@happybeing, I agree, this is not good. I am extremely busy right now, preparing a case about Bitcoin and VAT for the EU court among other things (should be applicable for other decentralized currencies too by the way ;)). So, if someone wants to join in as a moderator and start splitting some threads, let me know here in this thread.
I’m not sure it would help, but there are some default guidelines here now that we can build on. I’ll put up a more visible link to them.
I would suggest that any moderator would have to have a guide book to refer to, as would the community, otherwise moderation is merely a matter of personal opinion in regard to offences.
The two people “off topic” will almost always think they’re on topic because they see the thread on the line of thinking.

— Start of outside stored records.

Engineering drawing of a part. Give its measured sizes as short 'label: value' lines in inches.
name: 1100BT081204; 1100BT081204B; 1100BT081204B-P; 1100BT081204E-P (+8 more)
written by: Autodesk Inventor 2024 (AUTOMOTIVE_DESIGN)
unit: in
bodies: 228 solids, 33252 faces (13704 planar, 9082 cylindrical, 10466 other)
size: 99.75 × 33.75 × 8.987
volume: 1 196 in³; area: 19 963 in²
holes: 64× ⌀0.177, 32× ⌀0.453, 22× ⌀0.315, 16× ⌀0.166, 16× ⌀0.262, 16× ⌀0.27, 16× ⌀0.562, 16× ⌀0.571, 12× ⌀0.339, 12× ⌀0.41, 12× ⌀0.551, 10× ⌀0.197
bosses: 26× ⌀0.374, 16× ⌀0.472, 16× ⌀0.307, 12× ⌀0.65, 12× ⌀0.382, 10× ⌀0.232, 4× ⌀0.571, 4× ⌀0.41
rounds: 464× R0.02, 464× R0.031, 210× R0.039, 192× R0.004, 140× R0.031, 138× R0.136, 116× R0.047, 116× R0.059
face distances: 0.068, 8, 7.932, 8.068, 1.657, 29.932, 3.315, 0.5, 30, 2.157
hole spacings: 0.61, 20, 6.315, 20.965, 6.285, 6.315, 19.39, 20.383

I think a good course of action might just be to say things are off topic at first. If that gets a bazllion thumbs up, then it’s probably off topic. Is the outcome of sub-conversation going to produce fruit pertinent to the main thread?

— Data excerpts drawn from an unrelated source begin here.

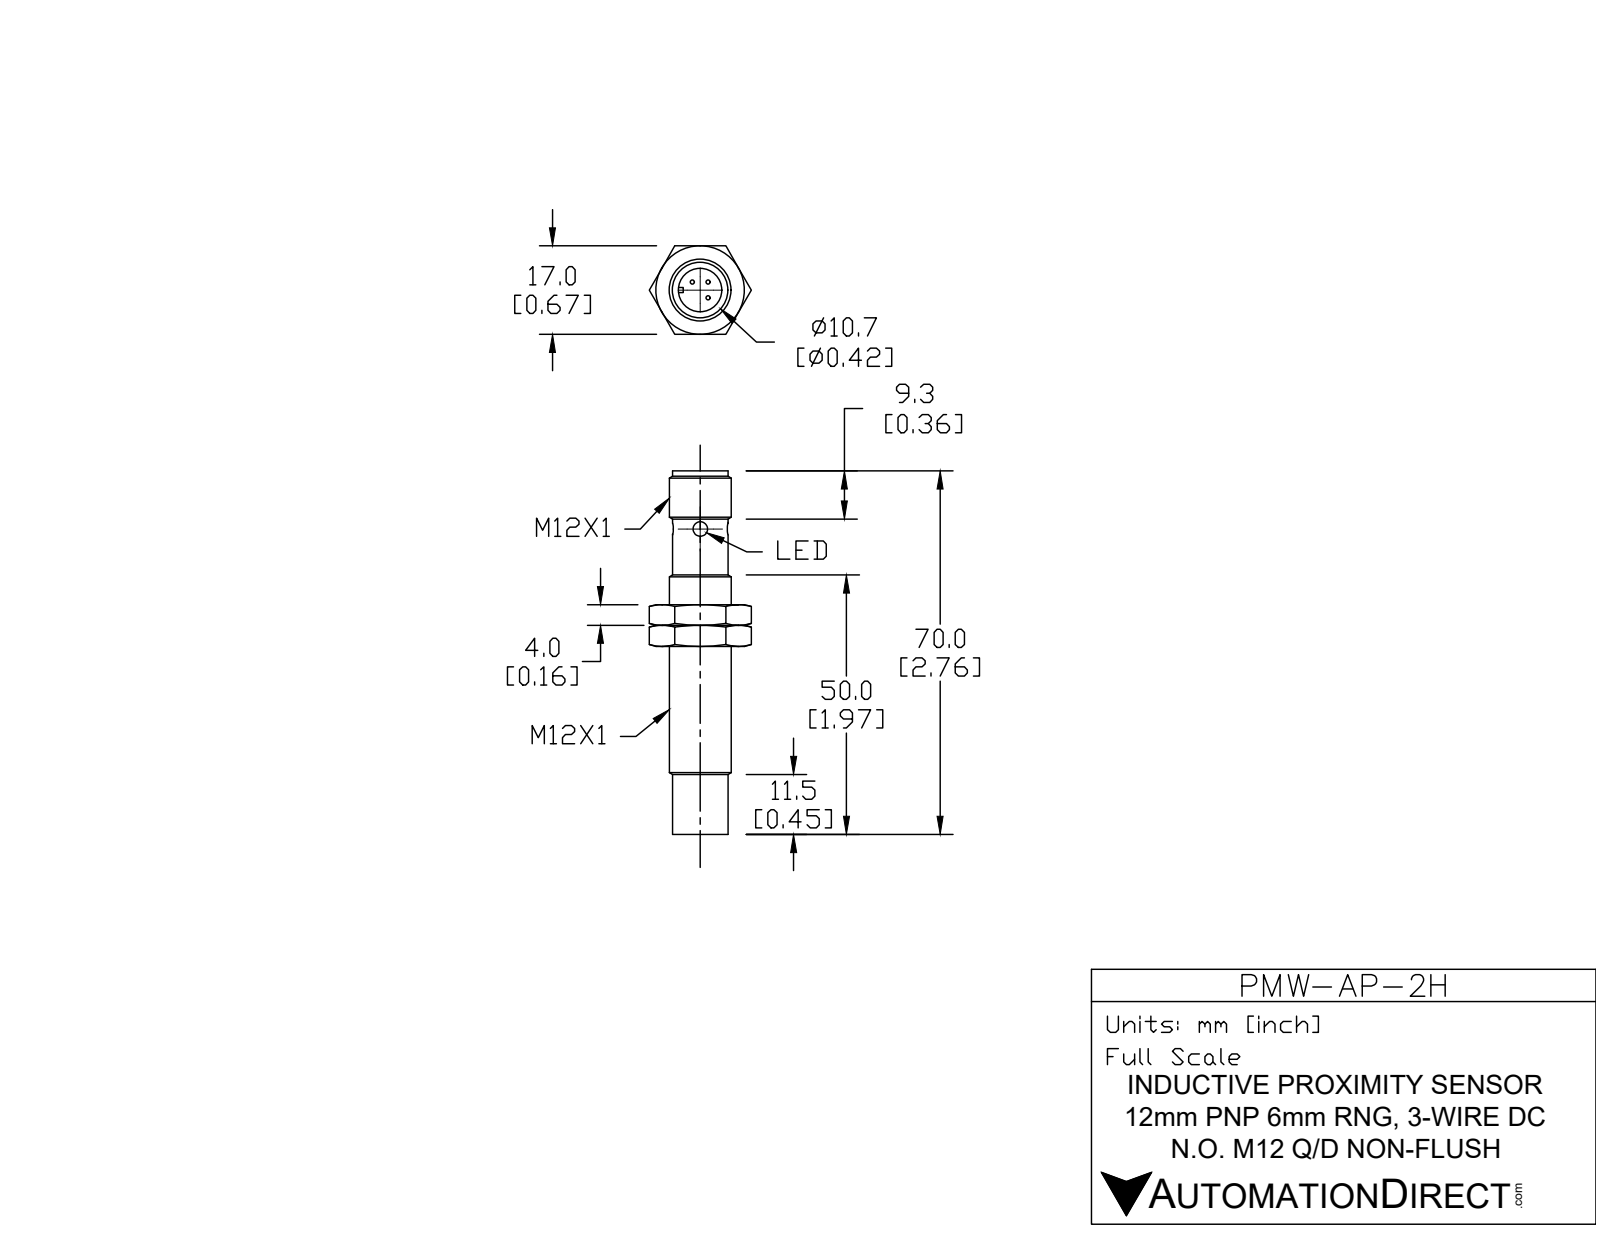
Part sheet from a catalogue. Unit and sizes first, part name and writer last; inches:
Units: inches
Overall size (bounding box): 2.764 × 0.773 × 0.669
Round holes (diameter × count): ⌀0.098 ×2, ⌀0.331 ×1, ⌀0.43 ×1
Round bosses / shafts (diameter × count): ⌀0.472 ×1, ⌀0.429 ×1
Partial cylindrical surfaces — rounded edges, fillets, slot ends (radius × count): R0.024 ×1, R0.197 ×1
Main face-to-face distances: 0.157, 0.669, 0.315, 1.11, 0.953, 0.795, 1.303, 1.461, 1.618, 2.413
Volume: 0.5 in³ · Surface area: 6.714 in²
Bodies: 3 solids, 94 faces (22 planar, 30 cylindrical, 42 other)
Part name (STEP PRODUCT): PMW-AP-2H
STEP written by: SolidWorks 2017 (AUTOMOTIVE_DESIGN)
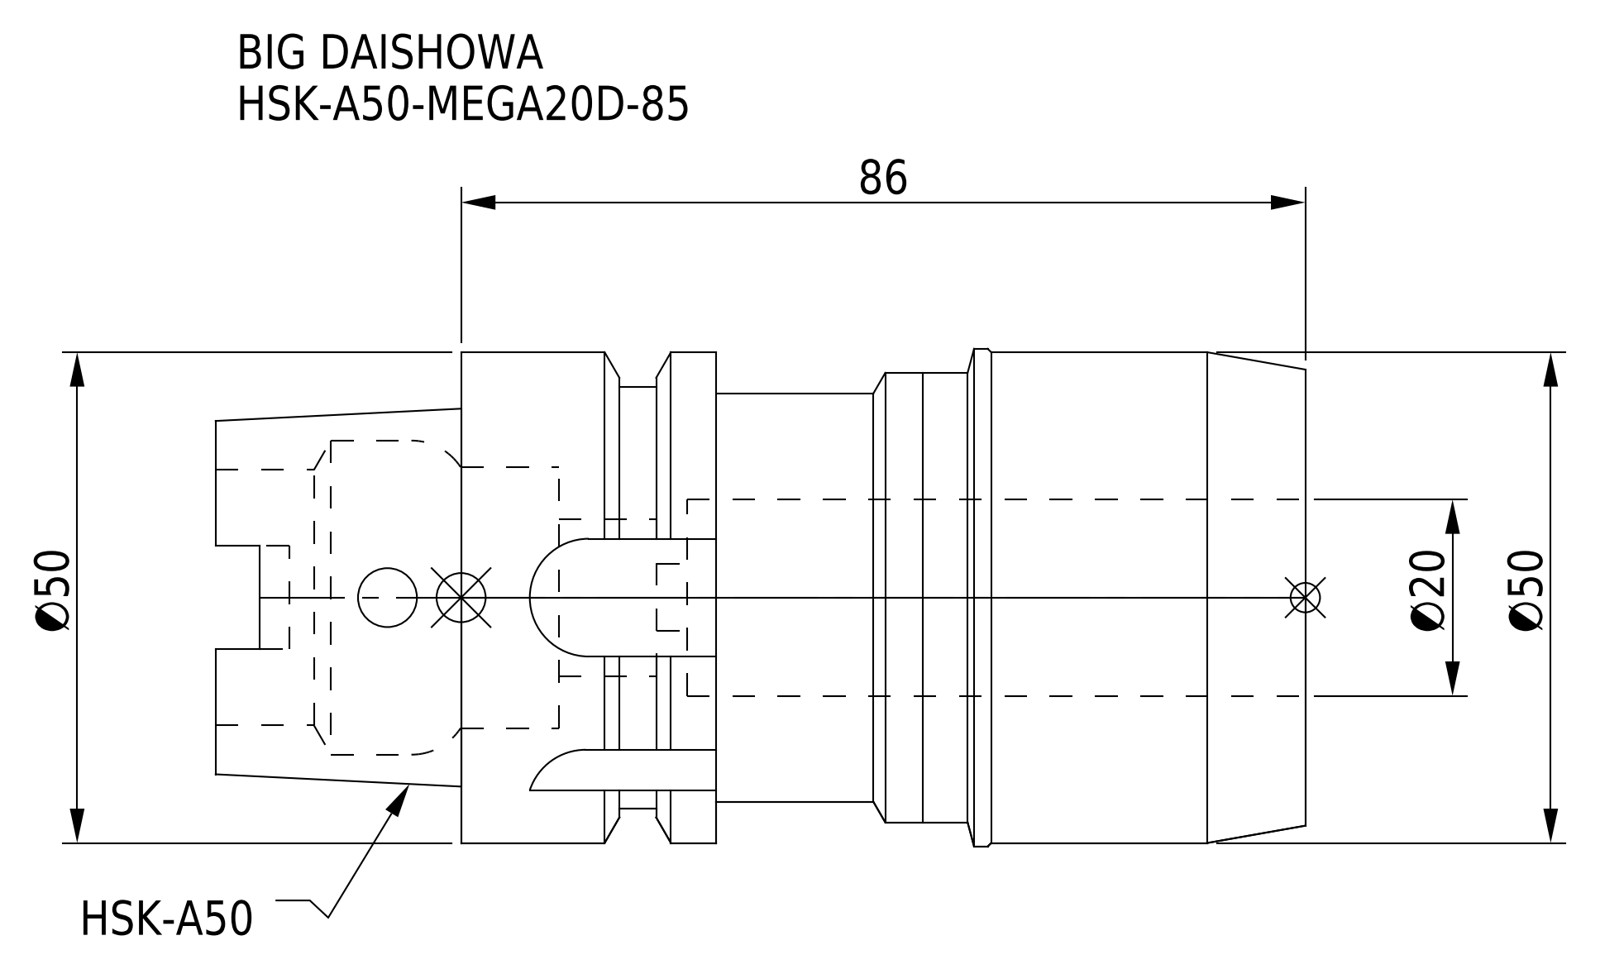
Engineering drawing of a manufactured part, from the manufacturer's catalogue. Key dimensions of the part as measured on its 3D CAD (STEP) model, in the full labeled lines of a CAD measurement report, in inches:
Part name (STEP PRODUCT): HSK-A50-MEGA20D-85
STEP written by: CREO PARAMETRIC BY PTC INC, 2016380 (AUTOMOTIVE_DESIGN)
Units: inches
Bodies: 1 solid, 100 faces (37 planar, 41 cylindrical, 22 other)
Overall size (bounding box): 4.37 × 1.996 × 1.996
Volume: 8.11 in³ · Surface area: 44.46 in²
Round holes (diameter × count): ⌀0.236 ×1, ⌀0.268 ×1, ⌀0.63 ×1, ⌀0.787 ×1, ⌀1.024 ×1, ⌀1.047 ×1, ⌀1.26 ×1
Round bosses / shafts (diameter × count): ⌀1.996 ×1, ⌀1.969 ×1, ⌀1.803 ×1, ⌀1.693 ×1, ⌀1.638 ×1
Partial cylindrical surfaces — rounded edges, fillets, slot ends (radius × count): R0.094 ×4, R0.236 ×4
Main face-to-face distances: 3.386, 2.362, 1.024, 2.994, 0.632, 0.392, 0.118, 4.37, 2.008, 1.376

It is also quite natural for discussions to meander and lead onto other subjects, as in face to face conversations. It is not that people deliberately decide to go off thread topics (in the main) therefore, it is not something anybody should really be admonished for. It would be a simple process for whoever is moderating to move posts and start another thread, rather than admonish in any way. I think if people are worrying about veering off course, then interesting conversations could be missed. A general advisory in guidelines would suffice I think, rather than getting on people’s backs for it.

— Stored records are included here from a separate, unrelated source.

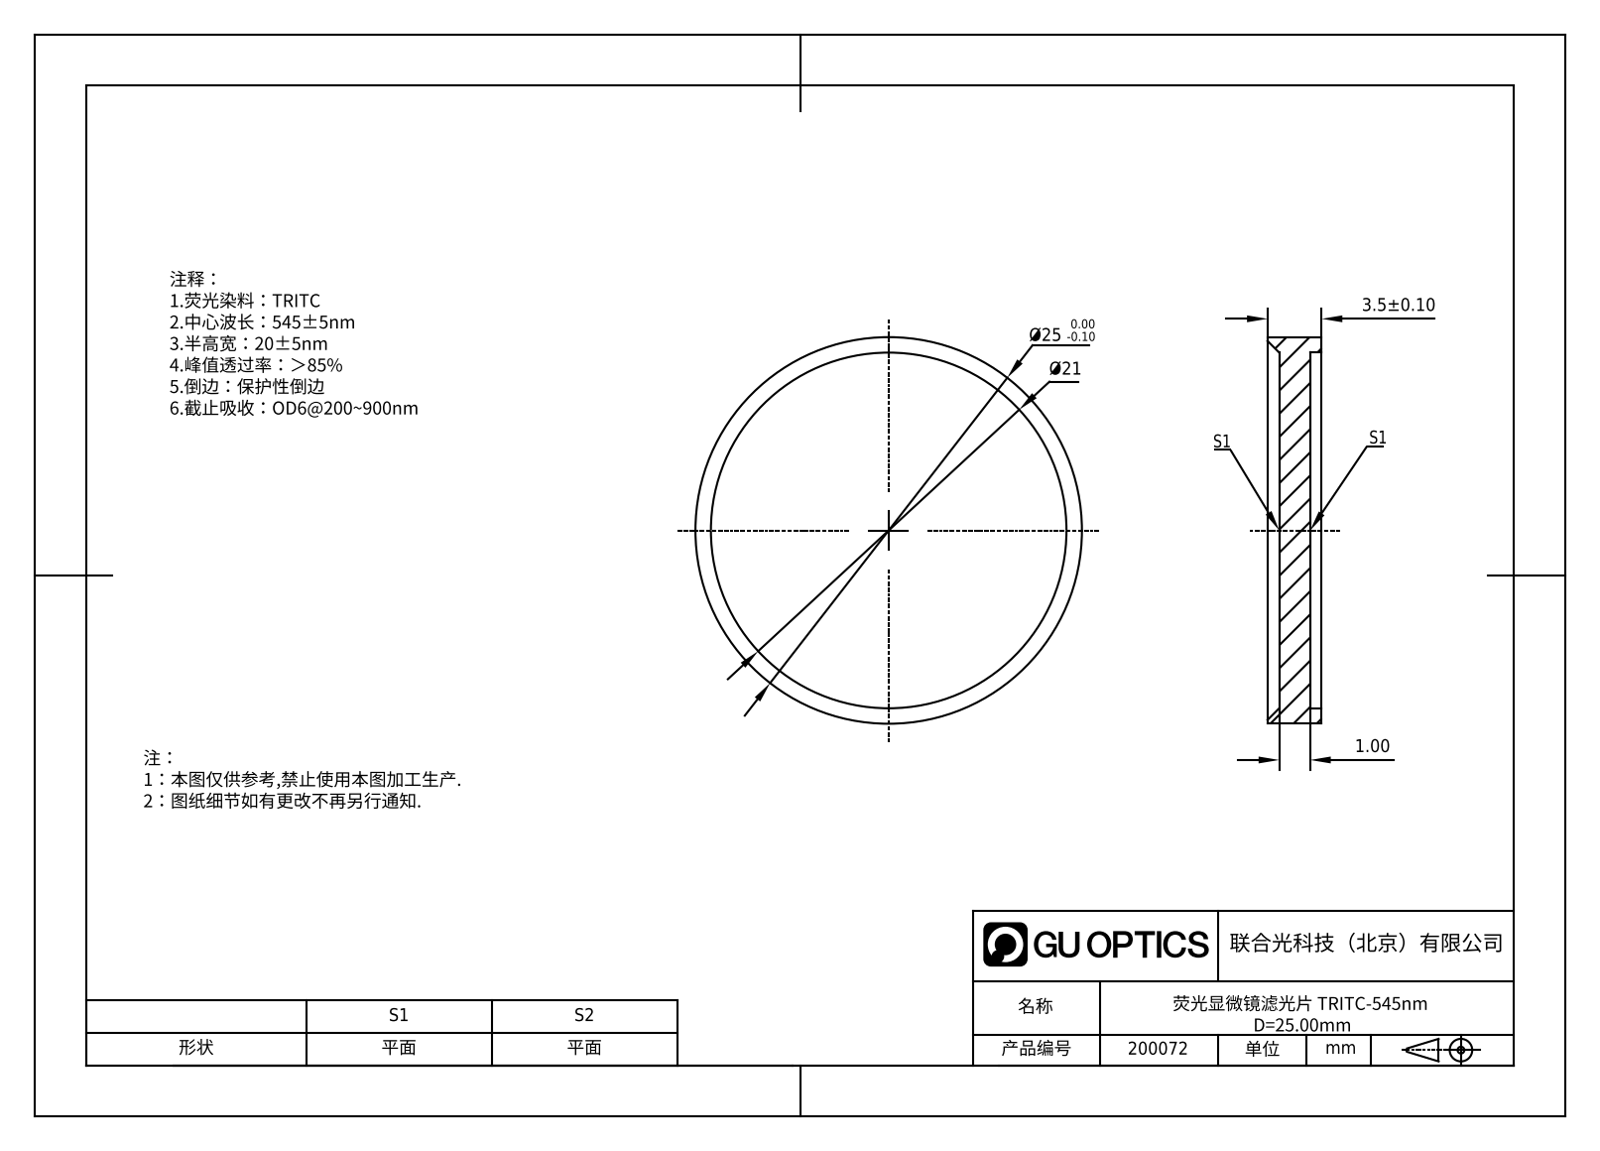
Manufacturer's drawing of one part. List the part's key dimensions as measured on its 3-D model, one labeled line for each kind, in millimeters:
Part name (STEP PRODUCT): GNIF-020-545-D25
STEP written by: SolidWorks 2022 (AUTOMOTIVE_DESIGN)
Units: millimetres
Bodies: 1 solid, 10 faces (4 planar, 4 cylindrical, 2 other)
Overall size (bounding box): 25 × 25 × 3.5
Volume: 1 074 mm³ · Surface area: 1 334 mm²
Round holes (diameter × count): ⌀23 ×1
Round bosses / shafts (diameter × count): ⌀25 ×1
Main face-to-face distances: 2, 0.75, 2.75, 3.5

I don’t think that we should expect much change from just having guidelines (unfortunately people tend not to read such texts), but it could be a good resource for moderators to link to when they take action ("I moved this / I deleted this because X in the guidelines)
I am pro abortion because it is a woman’s choice to make her own decisions about her body and her baby and nobody should be allowed to get in between that.
Thanks [ahemmmmmm] @chadrick ;-). I’m a bit reluctant because I am not sure I’m up to it (tact not always at the forefront) but I would also like to see if I can measure up, as well as help the community.
I too have certainly gone off topic, I’m sure most of us do at some time or other, and I would welcome being made aware of it when I do.
I agree with @Al_Kafir that admonishing is not helpful - unless perhaps someone needs it - in which case ideally that would not just be the decision of a single moderator. If things get bad enough to need that, it can be through moderator consultation, quiet words in PMs, and only in public if it gets rather drastic (as happened in the early days here - when one person was clearly Trolling and @dirvine decided to make it clear this wasn’t ok and take clear action).
I take my lead from @David - first step is to spot diversions and just move them to another thread.
I second the value of having some guidelines - not because people will follow them, but because it gives moderators something to refer to when deciding whether we are justified in stepping in, and to point to if people are unhappy. The community can then change things in the guidelines if what its there is not working how we want it to.
I am feeling the pinch of time lately, like @chadrickm, so we may need more helpers than just us two, esp while @David is so busy.
So, yes @David, I want to and if it doesn’t work happy to step aside according to community feedback or my own judgement.
Accepting that there aren’t programmatic binary answers to everything, and that some things require a human element of judgement is important. I think as a tech group, it’s easy to believe there’s an algorithm for everything. If there is, it’s a ways off. Especially in a place that revolves around human interaction.
Basically, I’m sayin’ @happybeing will do a great job.